Credit Suisse analyst Vamil Divan said at the time that the release of positive data and commercial uptake of Keytruda is "the key to the Merck story."
Keytruda competitor Opdivo from Bristol-Myers has a comparable number of patients in clinical trials, but the drug has fallen behind in lung cancer particularly due to a critical November 2018 failure.
According to data from Evercore analyst Umer Raffat, Bristol-Myers had enrolled or was actively recruiting 109,385 patients for Opdivo trials as of February, while patients in trials with Keytruda number 95,022.

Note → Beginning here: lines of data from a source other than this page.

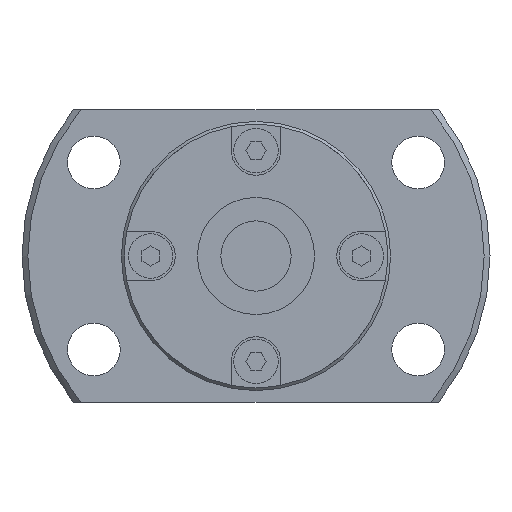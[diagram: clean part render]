
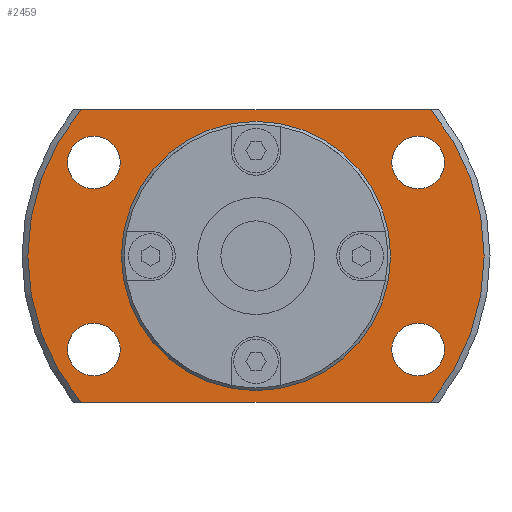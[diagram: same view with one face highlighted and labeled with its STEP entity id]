
A CAD part, left-side view. The second image highlights one B-rep face of the part: STEP entity #2459.
In plain terms, the highlighted planar face has unit normal (-1, 0, 0).
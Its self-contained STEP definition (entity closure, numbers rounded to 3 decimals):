
#136=LINE('',#3857,#362);
#137=LINE('',#3861,#363);
#362=VECTOR('',#3099,1000.);
#363=VECTOR('',#3102,1000.);
#684=ORIENTED_EDGE('',*,*,#1306,.F.);
#685=ORIENTED_EDGE('',*,*,#1307,.F.);
#686=ORIENTED_EDGE('',*,*,#1308,.F.);
#687=ORIENTED_EDGE('',*,*,#1309,.F.);
#688=ORIENTED_EDGE('',*,*,#1292,.F.);
#689=ORIENTED_EDGE('',*,*,#1310,.T.);
#690=ORIENTED_EDGE('',*,*,#1311,.F.);
#691=ORIENTED_EDGE('',*,*,#1312,.T.);
#692=ORIENTED_EDGE('',*,*,#1305,.T.);
#1292=EDGE_CURVE('',#1614,#1615,#1811,.T.);
#1305=EDGE_CURVE('',#1626,#1626,#1819,.T.);
#1306=EDGE_CURVE('',#1627,#1627,#1820,.F.);
#1307=EDGE_CURVE('',#1628,#1628,#1821,.F.);
#1308=EDGE_CURVE('',#1629,#1629,#1822,.F.);
#1309=EDGE_CURVE('',#1630,#1630,#1823,.F.);
#1310=EDGE_CURVE('',#1614,#1631,#136,.T.);
#1311=EDGE_CURVE('',#1632,#1631,#1824,.T.);
#1312=EDGE_CURVE('',#1632,#1615,#137,.T.);
#1614=VERTEX_POINT('',#3805);
#1615=VERTEX_POINT('',#3807);
#1626=VERTEX_POINT('',#3847);
#1627=VERTEX_POINT('',#3850);
#1628=VERTEX_POINT('',#3852);
#1629=VERTEX_POINT('',#3854);
#1630=VERTEX_POINT('',#3856);
#1631=VERTEX_POINT('',#3858);
#1632=VERTEX_POINT('',#3860);
#1811=CIRCLE('',#2675,19.5);
#1819=CIRCLE('',#2690,11.25);
#1820=CIRCLE('',#2692,2.25);
#1821=CIRCLE('',#2693,2.25);
#1822=CIRCLE('',#2694,2.25);
#1823=CIRCLE('',#2695,2.25);
#1824=CIRCLE('',#2696,19.5);
#1933=EDGE_LOOP('',(#684));
#1934=EDGE_LOOP('',(#685));
#1935=EDGE_LOOP('',(#686));
#1936=EDGE_LOOP('',(#687));
#1937=EDGE_LOOP('',(#688,#689,#690,#691));
#1938=EDGE_LOOP('',(#692));
#2155=FACE_BOUND('',#1933,.T.);
#2156=FACE_BOUND('',#1934,.T.);
#2157=FACE_BOUND('',#1935,.T.);
#2158=FACE_BOUND('',#1936,.T.);
#2159=FACE_BOUND('',#1937,.T.);
#2160=FACE_BOUND('',#1938,.T.);
#2331=PLANE('',#2691);
#2459=ADVANCED_FACE('',(#2155,#2156,#2157,#2158,#2159,#2160),#2331,.F.);
#2675=AXIS2_PLACEMENT_3D('',#3806,#3055,#3056);
#2690=AXIS2_PLACEMENT_3D('',#3846,#3087,#3088);
#2691=AXIS2_PLACEMENT_3D('',#3848,#3089,#3090);
#2692=AXIS2_PLACEMENT_3D('',#3849,#3091,#3092);
#2693=AXIS2_PLACEMENT_3D('',#3851,#3093,#3094);
#2694=AXIS2_PLACEMENT_3D('',#3853,#3095,#3096);
#2695=AXIS2_PLACEMENT_3D('',#3855,#3097,#3098);
#2696=AXIS2_PLACEMENT_3D('',#3859,#3100,#3101);
#3055=DIRECTION('',(1.,0.,0.));
#3056=DIRECTION('',(0.,0.,-1.));
#3087=DIRECTION('',(1.,0.,0.));
#3088=DIRECTION('',(0.,0.,-1.));
#3089=DIRECTION('',(1.,0.,0.));
#3090=DIRECTION('',(0.,0.,-1.));
#3091=DIRECTION('',(1.,0.,0.));
#3092=DIRECTION('',(0.,0.,-1.));
#3093=DIRECTION('',(1.,0.,0.));
#3094=DIRECTION('',(0.,0.,-1.));
#3095=DIRECTION('',(1.,0.,0.));
#3096=DIRECTION('',(0.,0.,-1.));
#3097=DIRECTION('',(1.,0.,0.));
#3098=DIRECTION('',(0.,0.,-1.));
#3099=DIRECTION('',(0.,-1.,0.));
#3100=DIRECTION('',(1.,0.,0.));
#3101=DIRECTION('',(0.,0.,-1.));
#3102=DIRECTION('',(0.,1.,0.));
#3805=CARTESIAN_POINT('',(13.,14.967,-12.5));
#3806=CARTESIAN_POINT('',(13.,0.,0.));
#3807=CARTESIAN_POINT('',(13.,14.967,12.5));
#3846=CARTESIAN_POINT('',(13.,0.,0.));
#3847=CARTESIAN_POINT('',(13.,0.,-11.25));
#3848=CARTESIAN_POINT('',(13.,11.25,0.));
#3849=CARTESIAN_POINT('',(13.,-13.856,-8.));
#3850=CARTESIAN_POINT('',(13.,-13.856,-10.25));
#3851=CARTESIAN_POINT('',(13.,-13.856,8.));
#3852=CARTESIAN_POINT('',(13.,-13.856,5.75));
#3853=CARTESIAN_POINT('',(13.,13.856,-8.));
#3854=CARTESIAN_POINT('',(13.,13.856,-10.25));
#3855=CARTESIAN_POINT('',(13.,13.856,8.));
#3856=CARTESIAN_POINT('',(13.,13.856,5.75));
#3857=CARTESIAN_POINT('',(13.,11.25,-12.5));
#3858=CARTESIAN_POINT('',(13.,-14.967,-12.5));
#3859=CARTESIAN_POINT('',(13.,0.,0.));
#3860=CARTESIAN_POINT('',(13.,-14.967,12.5));
#3861=CARTESIAN_POINT('',(13.,11.25,12.5));

During Merck's February earnings call, CFO Robert Davis said that spending on research will begin to slow down after continued growth in 2019. The reason is to allow sales to catch up to R&D spending.
"We're not feeling it in the oncology therapeutic area, but all good things may come to an end at some point," Ebbinghaus said. "I want to make sure that Merck oncology is more than a Keytruda company."
He said that collaborations with AstraZeneca PLC and Eisai Co. Ltd. — developing cancer drugs Lynparza and Lenvima, respectively — could fill that gap.